For a suitable theory $\sf T$, A choice principle over $\sf T$ is what is bi-interpretable with a selection principle over $\sf T$.
In the context of set theory $\sf ZF$, selection can be defined as a function from nonempty sets to their elements. Restricted selections are defined in a conditional manner by letting the function be partial and requiring the nonempty sets to meet certain conditions for selection from them to be defined. So, generally we may write:
$\operatorname {selective}(c) \iff \operatorname {function}(c) \land \forall x \in dom(c): x \neq \emptyset \to c(x) \in x$
$c$ itself can be the result of a function from prior parameters, i.e. we can have $c=F(x_1,..,x_n)$, this way we may say that $c$ is conditioned after $x_1,..,x_n$ and the function $F$. Formally, this is:
$ \forall x_1,..,\forall x_n \exists F \forall y \neq \emptyset : \Omega \to \exists z \in y: F(x_1,..,x_n)(y)=z $
Where $F$ may be used in $\Omega$.
So, here the formula $\Omega$ qualifies the parameters ($x_1,..,x_n$) of the selective function as well as the field of selection $(y)$, i.e. the sets from which selections are made.
This conditional selection principle is to be denoted $\mathcal S^\Omega$.
For example we write the axiom of dependent choice $\sf DC$, along those lines:
If $R$ is a set implementing a total relation on set $S$, denoted $R|^T S$ then we take the relation $$R^*=\{ \langle x, s \rangle \mid x \in S, s=\{y \in S \mid x \ R \ y \} \}$$. For short, we'll denote the above formula as: $\Psi$
$ \forall S \forall R \forall h \exists F \forall y \neq \emptyset: \\ \Big{(}R|^T S \land \exists R^* \exists x : \Psi \land h \in S \land y=R^*(x) \land \\ \big{[}x=h \lor \exists d \in S : x=F(S,R,h)(R^*(d)) \big{]} \Big{)} \\ \to \\ \exists z \in y: z=F(S,R, h)(y)$
So, dependent choice is one form of conditional selection!

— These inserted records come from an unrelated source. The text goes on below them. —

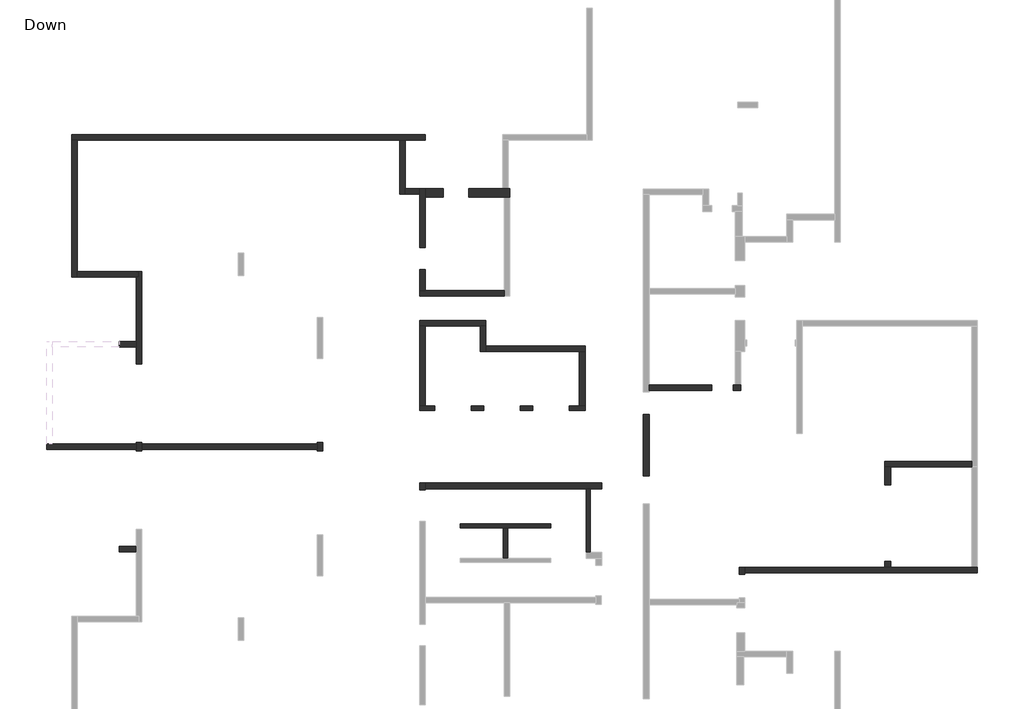
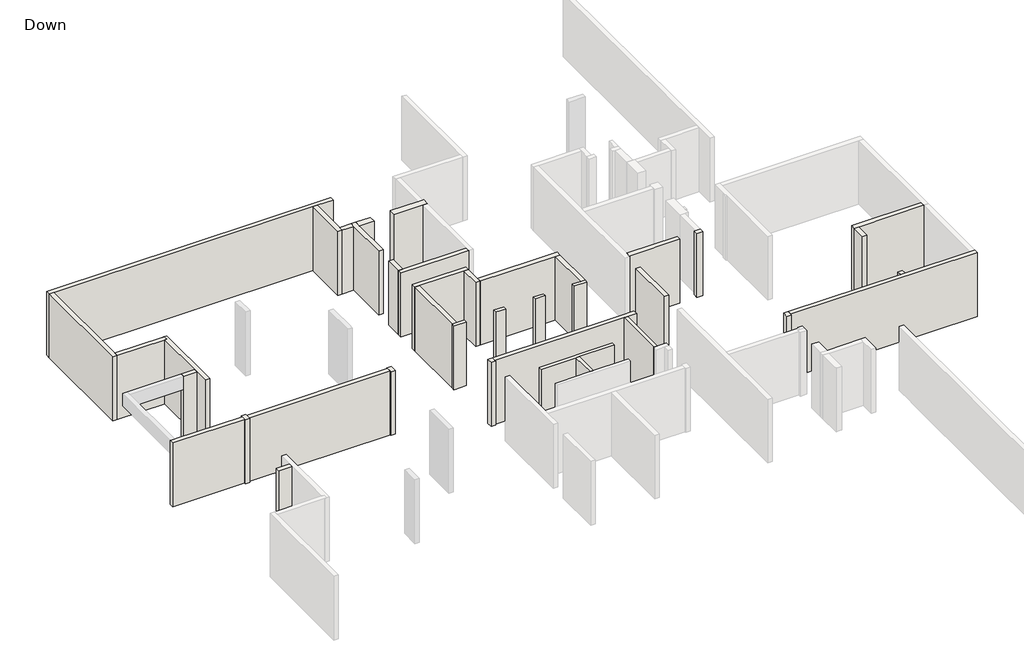
# One storey, part 2 of 3: 39 walls.
"""IFC4 building model written with IfcOpenShell, lengths in millimetres."""

from ifc_helpers import new_model, si_unit, origin, origin_with_axes, place, context, project, spatial, polyline, outline, extrude, faceted_brep, element, save

model = new_model("IFC4")

# Units and contexts
model_context = context("Model", 3, world=origin())
ifc_project = project(units=[si_unit("LENGTHUNIT", "METRE", prefix="MILLI")], contexts=[model_context])

# Site, building, storey
site = spatial("IfcSite", under=ifc_project)
building = spatial("IfcBuilding", under=site)
storey = spatial("IfcBuildingStorey", under=building, Name="Down", Elevation=0.0)

# Walls
placement = place(None, origin())
element("IfcWall", 1, ObjectType="15", at=placement, inside=storey, context=model_context, shape_type="Brep", body=[
    faceted_brep([(3274.3005639, 5124.0243454, 0.0), (3074.3005639, 5124.0243454, 0.0), (2715.3310352, 5124.0243454, 0.0), (2715.3310352, 5124.0243454, 2800.0), (2715.3310352, 5124.0243454, 3000.0), (3074.3005639, 5124.0243454, 3000.0), (3274.3005639, 5124.0243454, 3000.0), (3274.3005639, 4974.0243454, 0.0), (3274.3005639, 4974.0243454, 2800.0), (3274.3005639, 4974.0243454, 3000.0), (2715.3310352, 4974.0243454, 3000.0), (2715.3310352, 4974.0243454, 2800.0), (2715.3310352, 4974.0243454, 0.0)], [[[0, 1, 2, 3, 4, 5, 6]], [[7, 8, 9, 10, 11, 12]], [[2, 1, 0, 7, 12]], [[4, 3, 2, 12, 11, 10]], [[6, 5, 4, 10, 9]], [[0, 6, 9, 8, 7]]]),
])
element("IfcWall", 2, ObjectType="15", at=placement, inside=storey, context=model_context, shape_type="Brep", body=[
    faceted_brep([(1414.2577839, 5124.0243454, 0.0), (966.2691919, 5124.0243454, 0.0), (966.2691919, 5124.0243454, 2800.0), (966.2691919, 5124.0243454, 3000.0), (1414.2577839, 5124.0243454, 3000.0), (1414.2577839, 5124.0243454, 2800.0), (1414.2577839, 4974.0243454, 0.0), (1414.2577839, 4974.0243454, 2800.0), (1414.2577839, 4974.0243454, 3000.0), (966.2691919, 4974.0243454, 3000.0), (966.2691919, 4974.0243454, 2800.0), (966.2691919, 4974.0243454, 0.0)], [[[0, 1, 2, 3, 4, 5]], [[6, 7, 8, 9, 10, 11]], [[1, 0, 6, 11]], [[3, 2, 1, 11, 10, 9]], [[4, 3, 9, 8]], [[0, 5, 4, 8, 7, 6]]]),
])
element("IfcWall", 3, ObjectType="15", at=placement, inside=storey, context=model_context, shape_type="Brep", body=[
    faceted_brep([(-334.8040593, 5124.0243454, 0.0), (-785.1755694, 5124.0243454, 0.0), (-785.1755694, 5124.0243454, 2800.0), (-785.1755694, 5124.0243454, 3000.0), (-334.8040593, 5124.0243454, 3000.0), (-334.8040593, 5124.0243454, 2800.0), (-334.8040593, 4974.0243454, 0.0), (-334.8040593, 4974.0243454, 2800.0), (-334.8040593, 4974.0243454, 3000.0), (-785.1755694, 4974.0243454, 3000.0), (-785.1755694, 4974.0243454, 2800.0), (-785.1755694, 4974.0243454, 0.0)], [[[0, 1, 2, 3, 4, 5]], [[6, 7, 8, 9, 10, 11]], [[1, 0, 6, 11]], [[3, 2, 1, 11, 10, 9]], [[4, 3, 9, 8]], [[0, 5, 4, 8, 7, 6]]]),
])
element("IfcWall", 4, ObjectType="15", at=placement, inside=storey, context=model_context, shape_type="Brep", body=[
    faceted_brep([(-2083.8659026, 5124.0243454, 0.0), (-2434.3199705, 5124.0243454, 0.0), (-2634.3199705, 5124.0243454, 0.0), (-2634.3199705, 5124.0243454, 3000.0), (-2434.3199705, 5124.0243454, 3000.0), (-2083.8659026, 5124.0243454, 3000.0), (-2083.8659026, 5124.0243454, 2800.0), (-2083.8659026, 4974.0243454, 0.0), (-2083.8659026, 4974.0243454, 2800.0), (-2083.8659026, 4974.0243454, 3000.0), (-2634.3199705, 4974.0243454, 3000.0), (-2634.3199705, 4974.0243454, 2800.0), (-2634.3199705, 4974.0243454, 0.0)], [[[0, 1, 2, 3, 4, 5, 6]], [[7, 8, 9, 10, 11, 12]], [[2, 1, 0, 7, 12]], [[5, 4, 3, 10, 9]], [[0, 6, 5, 9, 8, 7]], [[3, 2, 12, 11, 10]]]),
])
element("IfcWall", 5, ObjectType="15", at=placement, inside=storey, context=model_context, shape_type="Brep", body=[
    faceted_brep([(3311.0605459, 2174.0956453, 0.0), (3311.0605459, -105.9043547, 0.0), (3311.0605459, -105.9043547, 3000.0), (3311.0605459, 2174.0956453, 3000.0), (3461.0605459, 2174.0956453, 0.0), (3461.0605459, 2174.0956453, 3000.0), (3461.0605459, -105.9043547, 3000.0), (3461.0605459, -105.9043547, 2800.0), (3461.0605459, -105.9043547, 0.0)], [[[0, 1, 2, 3]], [[4, 5, 6, 7, 8]], [[1, 0, 4, 8]], [[3, 2, 6, 5]], [[0, 3, 5, 4]], [[2, 1, 8, 7, 6]]]),
])
element("IfcWall", 6, ObjectType="15", at=placement, inside=storey, context=model_context, shape_type="Brep", body=[
    faceted_brep([(-1185.5058006, 773.063673, 0.0), (361.0080091, 773.063673, 0.0), (511.0080091, 773.063673, 0.0), (2055.2627374, 773.063673, 0.0), (2055.2627374, 773.063673, 2800.0), (2055.2627374, 773.063673, 3000.0), (1795.2627374, 773.063673, 3000.0), (511.0080091, 773.063673, 3000.0), (361.0080091, 773.063673, 3000.0), (-985.5058006, 773.063673, 3000.0), (-1185.5058006, 773.063673, 3000.0), (-1185.5058006, 773.063673, 2800.0), (-1185.5058006, 923.063673, 0.0), (-1185.5058006, 923.063673, 2800.0), (-1185.5058006, 923.063673, 3000.0), (2055.2627374, 923.063673, 3000.0), (2055.2627374, 923.063673, 2800.0), (2055.2627374, 923.063673, 0.0)], [[[0, 1, 2, 3, 4, 5, 6, 7, 8, 9, 10, 11]], [[12, 13, 14, 15, 16, 17]], [[3, 2, 1, 0, 12, 17]], [[5, 4, 3, 17, 16, 15]], [[10, 9, 8, 7, 6, 5, 15, 14]], [[0, 11, 10, 14, 13, 12]]]),
])
element("IfcWall", 7, ObjectType="15", at=placement, inside=storey, context=model_context, shape_type="SweptSolid", body=[
    extrude(outline(polyline([(511.0080091, 773.063673), (511.0080091, -306.6458737), (361.0080091, -306.6458737), (361.0080091, 773.063673), (511.0080091, 773.063673)])), origin_with_axes(), (0.0, 0.0, 1.0), 3000.0),
])
element("IfcWall", 8, ObjectType="20", at=placement, inside=storey, context=model_context, shape_type="Brep", body=[
    faceted_brep([(5555.6042265, 5674.60225, 0.0), (7795.7123021, 5674.60225, 0.0), (7795.7123021, 5674.60225, 2800.0), (7795.7123021, 5674.60225, 3000.0), (5555.6042265, 5674.60225, 3000.0), (5555.6042265, 5674.60225, 2800.0), (5555.6042265, 5874.60225, 0.0), (5555.6042265, 5874.60225, 2800.0), (5555.6042265, 5874.60225, 3000.0), (7795.7123021, 5874.60225, 3000.0), (7795.7123021, 5874.60225, 2800.0), (7795.7123021, 5874.60225, 0.0)], [[[0, 1, 2, 3, 4, 5]], [[6, 7, 8, 9, 10, 11]], [[1, 0, 6, 11]], [[3, 2, 1, 11, 10, 9]], [[4, 3, 9, 8]], [[0, 5, 4, 8, 7, 6]]]),
])
element("IfcWall", 9, ObjectType="20", at=placement, inside=storey, context=model_context, shape_type="Brep", body=[
    faceted_brep([(8565.3948299, 5674.60225, 0.0), (8829.8987326, 5674.60225, 0.0), (8829.8987326, 5674.60225, 2800.0), (8829.8987326, 5674.60225, 3000.0), (8565.3948299, 5674.60225, 3000.0), (8565.3948299, 5674.60225, 2800.0), (8565.3948299, 5874.60225, 0.0), (8565.3948299, 5874.60225, 2800.0), (8565.3948299, 5874.60225, 3000.0), (8629.8987326, 5874.60225, 3000.0), (8829.8987326, 5874.60225, 3000.0), (8829.8987326, 5874.60225, 0.0), (8629.8987326, 5874.60225, 0.0)], [[[0, 1, 2, 3, 4, 5]], [[6, 7, 8, 9, 10, 11, 12]], [[1, 0, 6, 12, 11]], [[4, 3, 10, 9, 8]], [[0, 5, 4, 8, 7, 6]], [[3, 2, 1, 11, 10]]]),
])
element("IfcWall", 10, ObjectType="20", at=placement, inside=storey, context=model_context, shape_type="Brep", body=[
    faceted_brep([(17074.9602757, 3143.7781731, 0.0), (13974.6187866, 3143.7781731, 0.0), (13974.6187866, 3143.7781731, 2800.0), (13974.6187866, 3143.7781731, 3000.0), (17074.9602757, 3143.7781731, 3000.0), (17074.9602757, 3143.7781731, 2800.0), (17074.9602757, 2943.7781731, 0.0), (17074.9602757, 2943.7781731, 2800.0), (17074.9602757, 2943.7781731, 3000.0), (14174.6187866, 2943.7781731, 3000.0), (13974.6187866, 2943.7781731, 3000.0), (13974.6187866, 2943.7781731, 0.0), (14174.6187866, 2943.7781731, 0.0)], [[[0, 1, 2, 3, 4, 5]], [[6, 7, 8, 9, 10, 11, 12]], [[1, 0, 6, 12, 11]], [[4, 3, 10, 9, 8]], [[0, 5, 4, 8, 7, 6]], [[3, 2, 1, 11, 10]]]),
])
element("IfcWall", 11, ObjectType="20", at=placement, inside=storey, context=model_context, shape_type="Brep", body=[
    faceted_brep([(13974.6187866, 2943.7781731, 0.0), (13974.6187866, 2314.6878099, 0.0), (13974.6187866, 2314.6878099, 2800.0), (13974.6187866, 2314.6878099, 3000.0), (13974.6187866, 2943.7781731, 3000.0), (14174.6187866, 2943.7781731, 0.0), (14174.6187866, 2943.7781731, 2800.0), (14174.6187866, 2943.7781731, 3000.0), (14174.6187866, 2314.6878099, 3000.0), (14174.6187866, 2314.6878099, 2800.0), (14174.6187866, 2314.6878099, 0.0)], [[[0, 1, 2, 3, 4]], [[5, 6, 7, 8, 9, 10]], [[1, 0, 5, 10]], [[3, 2, 1, 10, 9, 8]], [[4, 3, 8, 7]], [[0, 4, 7, 6, 5]]]),
])
element("IfcWall", 12, ObjectType="20", at=placement, inside=storey, context=model_context, shape_type="Brep", body=[
    faceted_brep([(-2431.7719369, 14822.6246156, 0.0), (-15051.7058906, 14822.6246156, 0.0), (-15051.7058906, 14822.6246156, 3000.0), (-2431.7719369, 14822.6246156, 3000.0), (-2431.7719369, 14622.6246156, 0.0), (-2431.7719369, 14622.6246156, 3000.0), (-3134.897875, 14622.6246156, 3000.0), (-3334.897875, 14622.6246156, 3000.0), (-14851.7058906, 14622.6246156, 3000.0), (-15051.7058906, 14622.6246156, 3000.0), (-15051.7058906, 14622.6246156, 0.0), (-14851.7058906, 14622.6246156, 0.0), (-3334.897875, 14622.6246156, 0.0), (-3134.897875, 14622.6246156, 0.0)], [[[0, 1, 2, 3]], [[4, 5, 6, 7, 8, 9, 10, 11, 12, 13]], [[1, 0, 4, 13, 12, 11, 10]], [[3, 2, 9, 8, 7, 6, 5]], [[0, 3, 5, 4]], [[2, 1, 10, 9]]]),
])
element("IfcWall", 13, ObjectType="20", at=placement, inside=storey, context=model_context, shape_type="Brep", body=[
    faceted_brep([(-15051.7058906, 14622.6246156, 0.0), (-15051.7058906, 9722.6246156, 0.0), (-15051.7058906, 9722.6246156, 3000.0), (-15051.7058906, 14622.6246156, 3000.0), (-14851.7058906, 14622.6246156, 0.0), (-14851.7058906, 14622.6246156, 2800.0), (-14851.7058906, 14622.6246156, 3000.0), (-14851.7058906, 9922.6246156, 3000.0), (-14851.7058906, 9722.6246156, 3000.0), (-14851.7058906, 9722.6246156, 0.0), (-14851.7058906, 9922.6246156, 0.0)], [[[0, 1, 2, 3]], [[4, 5, 6, 7, 8, 9, 10]], [[1, 0, 4, 10, 9]], [[3, 2, 8, 7, 6]], [[0, 3, 6, 5, 4]], [[2, 1, 9, 8]]]),
])
element("IfcWall", 14, ObjectType="20", at=placement, inside=storey, context=model_context, shape_type="Brep", body=[
    faceted_brep([(-14851.7058906, 9722.6246156, 0.0), (-12744.8761098, 9722.6246156, 0.0), (-12645.0412254, 9722.6246156, 0.0), (-12645.0412254, 9722.6246156, 3000.0), (-12744.8761098, 9722.6246156, 3000.0), (-14851.7058906, 9722.6246156, 3000.0), (-14851.7058906, 9922.6246156, 0.0), (-14851.7058906, 9922.6246156, 2800.0), (-14851.7058906, 9922.6246156, 3000.0), (-12744.8761098, 9922.6246156, 3000.0), (-12645.0412254, 9922.6246156, 3000.0), (-12645.0412254, 9922.6246156, 0.0), (-12744.8761098, 9922.6246156, 0.0)], [[[0, 1, 2, 3, 4, 5]], [[6, 7, 8, 9, 10, 11, 12]], [[2, 1, 0, 6, 12, 11]], [[3, 2, 11, 10]], [[5, 4, 3, 10, 9, 8]], [[0, 5, 8, 7, 6]]]),
])
element("IfcWall", 15, ObjectType="20", at=placement, inside=storey, context=model_context, shape_type="Brep", body=[
    faceted_brep([(-12744.8761098, 6623.0036309, 0.0), (-12744.8761098, 6623.0036309, 2800.0), (-12744.8761098, 6623.0036309, 3000.0), (-12744.8761098, 7228.4299293, 3000.0), (-12744.8761098, 7428.4299293, 3000.0), (-12744.8761098, 9722.6246156, 3000.0), (-12744.8761098, 9722.6246156, 0.0), (-12744.8761098, 7428.4299293, 0.0), (-12744.8761098, 7228.4299293, 0.0), (-12744.8761098, 9923.0036309, 3000.0), (-12744.8761098, 9923.0036309, 2800.0), (-12744.8761098, 9923.0036309, 0.0), (-12744.8761098, 9922.6246156, 0.0), (-12744.8761098, 9922.6246156, 2800.0), (-12744.8761098, 9922.6246156, 3000.0), (-12544.8761098, 6623.0036309, 0.0), (-12544.8761098, 9923.0036309, 0.0), (-12544.8761098, 9923.0036309, 2800.0), (-12544.8761098, 9923.0036309, 3000.0), (-12544.8761098, 6623.0036309, 3000.0), (-12544.8761098, 6623.0036309, 2800.0), (-12645.0412254, 9722.6246156, 0.0), (-12645.0412254, 9922.6246156, 0.0), (-12742.9172386, 6623.0036309, 3000.0), (-12645.0412254, 9922.6246156, 3000.0), (-12645.0412254, 9722.6246156, 3000.0)], [[[0, 1, 2, 3, 4, 5, 6, 7, 8]], [[9, 10, 11, 12, 13, 14]], [[15, 16, 17, 18, 19, 20]], [[16, 15, 0, 8, 7, 6, 21, 22, 12, 11]], [[2, 1, 0, 15, 20, 19, 23]], [[19, 18, 9, 14, 24, 25, 5, 4, 3, 2, 23]], [[11, 10, 9, 18, 17, 16]], [[25, 21, 6, 5]], [[22, 24, 14, 13, 12]], [[21, 25, 24, 22]]]),
])
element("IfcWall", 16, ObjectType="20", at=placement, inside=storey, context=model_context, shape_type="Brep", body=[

To get the full axiom of choice, we set $n=1$, and $\Omega$ to be $y \in x$, then we get: $$\forall x \exists F \forall y \neq \emptyset : y \in x \to \exists z \in y: z=F(x) (y)$$
To get countable choice, we set $n=1$, and $\Omega$ to be $|x|=\omega \land y \in x $, then we get: $$\forall x \exists F \forall y \neq \emptyset: |x|=\omega \land y \in x \to \exists z \in y: z=F(x)(y)$$
Now, my point is that we can define choice principle by saying that: $\sf H$ is a choice principle over say $\sf ZF$, if and only if, we have a formula $\Omega$, such that: $$\sf ZF + H \rightleftharpoons ZF + \mathcal S^\Omega$$, and provided that $\sf ZF \not \vdash \mathcal S^\Omega$
Where "$\rightleftharpoons$" signify "bi-interpretability".
Bi-interpretability can work across languages. If we are to work within a single language, then perhaps simple theoretic equivalence is nicer, then for the case of $\sf ZF$, demand: $$\sf (ZF+H) \vdash (ZF+\mathcal S^\Omega) \\ (ZF + \mathcal S^\Omega) \vdash (ZF + H) $$. And of course we have: $\sf ZF \not \vdash \mathcal S^\Omega$
Seeing Asaf's posting "What is a Choice Principle, really", mentions what can be a counter-example to the above, like the Ordering Principle, that every set can be linearly ordered. And also one answer to it mentioned the principle $\neg\text{Con}(\text{ZFC})\to\text{AC}$, which was regarded as a form of conditional choice, let's call it Inconsistency Choice Principle.
So, my main question is:
Are there clear intuitively justified choice principles that those definitions fail to capture?
Related questions: Along the line of definition of choice principle given here:
Can the Ordering Principle be proved to be a choice principle?
Can the Inconsistency Choice Principle be proved to be a choice principle?
By the way, I'm not sure if intuitively these two principles actually qualify as choice principles even though they may be mentioned as such, if this line contradicts that, then I'd be happy to dismiss those qualifications as imprecise.